Leave out all pictures. Return exactly the lines from the top of the material through the line containing "A CAD part, top".
[Task inputs — start]
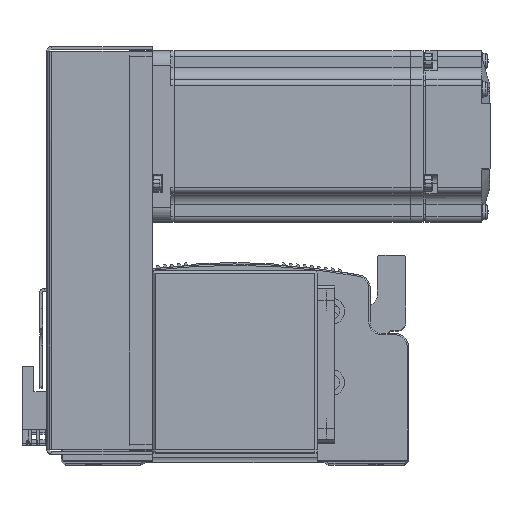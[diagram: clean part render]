
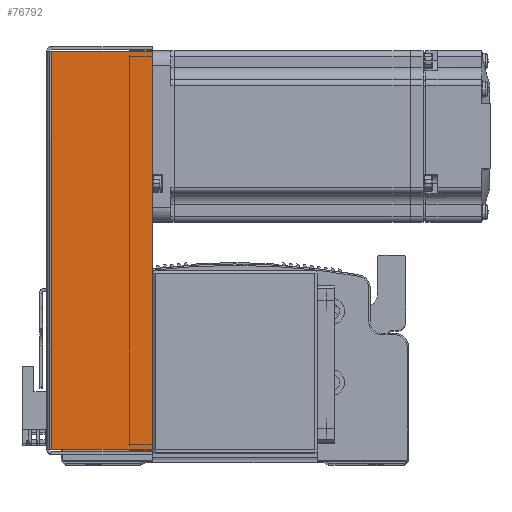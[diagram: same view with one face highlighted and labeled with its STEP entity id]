
A CAD part, top view. The second image highlights one B-rep face of the part: STEP entity #76792.
In plain terms, the highlighted planar face has unit normal (0, 0, 1) as drawn and (0, 0, -1) by its records, which use the part's own axes.
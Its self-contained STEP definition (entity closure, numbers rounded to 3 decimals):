
#2243 = VERTEX_POINT ( 'NONE', #78415 ) ;
#2876 = VERTEX_POINT ( 'NONE', #78785 ) ;
#2926 = VERTEX_POINT ( 'NONE', #78826 ) ;
#2928 = VERTEX_POINT ( 'NONE', #78829 ) ;
#5650 = ORIENTED_EDGE ( 'NONE', *, *, #36413, .F. ) ;
#5669 = ORIENTED_EDGE ( 'NONE', *, *, #36393, .T. ) ;
#5687 = ORIENTED_EDGE ( 'NONE', *, *, #36328, .T. ) ;
#5696 = ORIENTED_EDGE ( 'NONE', *, *, #36346, .F. ) ;
#8459 = AXIS2_PLACEMENT_3D ( 'NONE', #45653, #45671, #45690 ) ;
#22176 = FACE_OUTER_BOUND ( 'NONE', #73257, .T. ) ;
#36328 = EDGE_CURVE ( 'NONE', #2926, #2876, #42324, .T. ) ;
#36346 = EDGE_CURVE ( 'NONE', #2928, #2243, #42276, .T. ) ;
#36393 = EDGE_CURVE ( 'NONE', #2928, #2926, #42390, .T. ) ;
#36413 = EDGE_CURVE ( 'NONE', #2243, #2876, #42396, .T. ) ;
#40876 = DIRECTION ( 'NONE',  ( 1., 0., 0. ) ) ;
#40976 = CARTESIAN_POINT ( 'NONE',  ( 0., 36., -33.5 ) ) ;
#40991 = CARTESIAN_POINT ( 'NONE',  ( 71.5, 0.737, -33.5 ) ) ;
#41058 = DIRECTION ( 'NONE',  ( 1., 0., 0. ) ) ;
#41270 = CARTESIAN_POINT ( 'NONE',  ( -69.793, 0., -33.5 ) ) ;
#41290 = CARTESIAN_POINT ( 'NONE',  ( 69.793, 0., -33.5 ) ) ;
#41338 = DIRECTION ( 'NONE',  ( 0., 1., 0. ) ) ;
#41343 = DIRECTION ( 'NONE',  ( 0., 1., 0. ) ) ;
#42266 = VECTOR ( 'NONE', #41058, 1000. ) ;
#42276 = LINE ( 'NONE', #40991, #42266 ) ;
#42324 = LINE ( 'NONE', #40976, #42351 ) ;
#42351 = VECTOR ( 'NONE', #40876, 1000. ) ;
#42375 = VECTOR ( 'NONE', #41338, 1000. ) ;
#42390 = LINE ( 'NONE', #41270, #42375 ) ;
#42396 = LINE ( 'NONE', #41290, #42463 ) ;
#42463 = VECTOR ( 'NONE', #41343, 1000. ) ;
#45631 = PLANE ( 'NONE',  #8459 ) ;
#45653 = CARTESIAN_POINT ( 'NONE',  ( 0., 0., -33.5 ) ) ;
#45671 = DIRECTION ( 'NONE',  ( 0., 0., 1. ) ) ;
#45690 = DIRECTION ( 'NONE',  ( 0., -1., 0. ) ) ;
#73257 = EDGE_LOOP ( 'NONE', ( #5696, #5669, #5687, #5650 ) ) ;
#76792 = ADVANCED_FACE ( 'NONE', ( #22176 ), #45631, .F. ) ;
#78415 = CARTESIAN_POINT ( 'NONE',  ( 69.793, 0.737, -33.5 ) ) ;
#78785 = CARTESIAN_POINT ( 'NONE',  ( 69.793, 36., -33.5 ) ) ;
#78826 = CARTESIAN_POINT ( 'NONE',  ( -69.793, 36., -33.5 ) ) ;
#78829 = CARTESIAN_POINT ( 'NONE',  ( -69.793, 0.737, -33.5 ) ) ;
[Task inputs — finish]
Output for this task ->
[diagram: clean part render]
[diagram: same view with one face highlighted and labeled with its STEP entity id]
A CAD part, top view. The second image highlights one B-rep face of the part: STEP entity #76792.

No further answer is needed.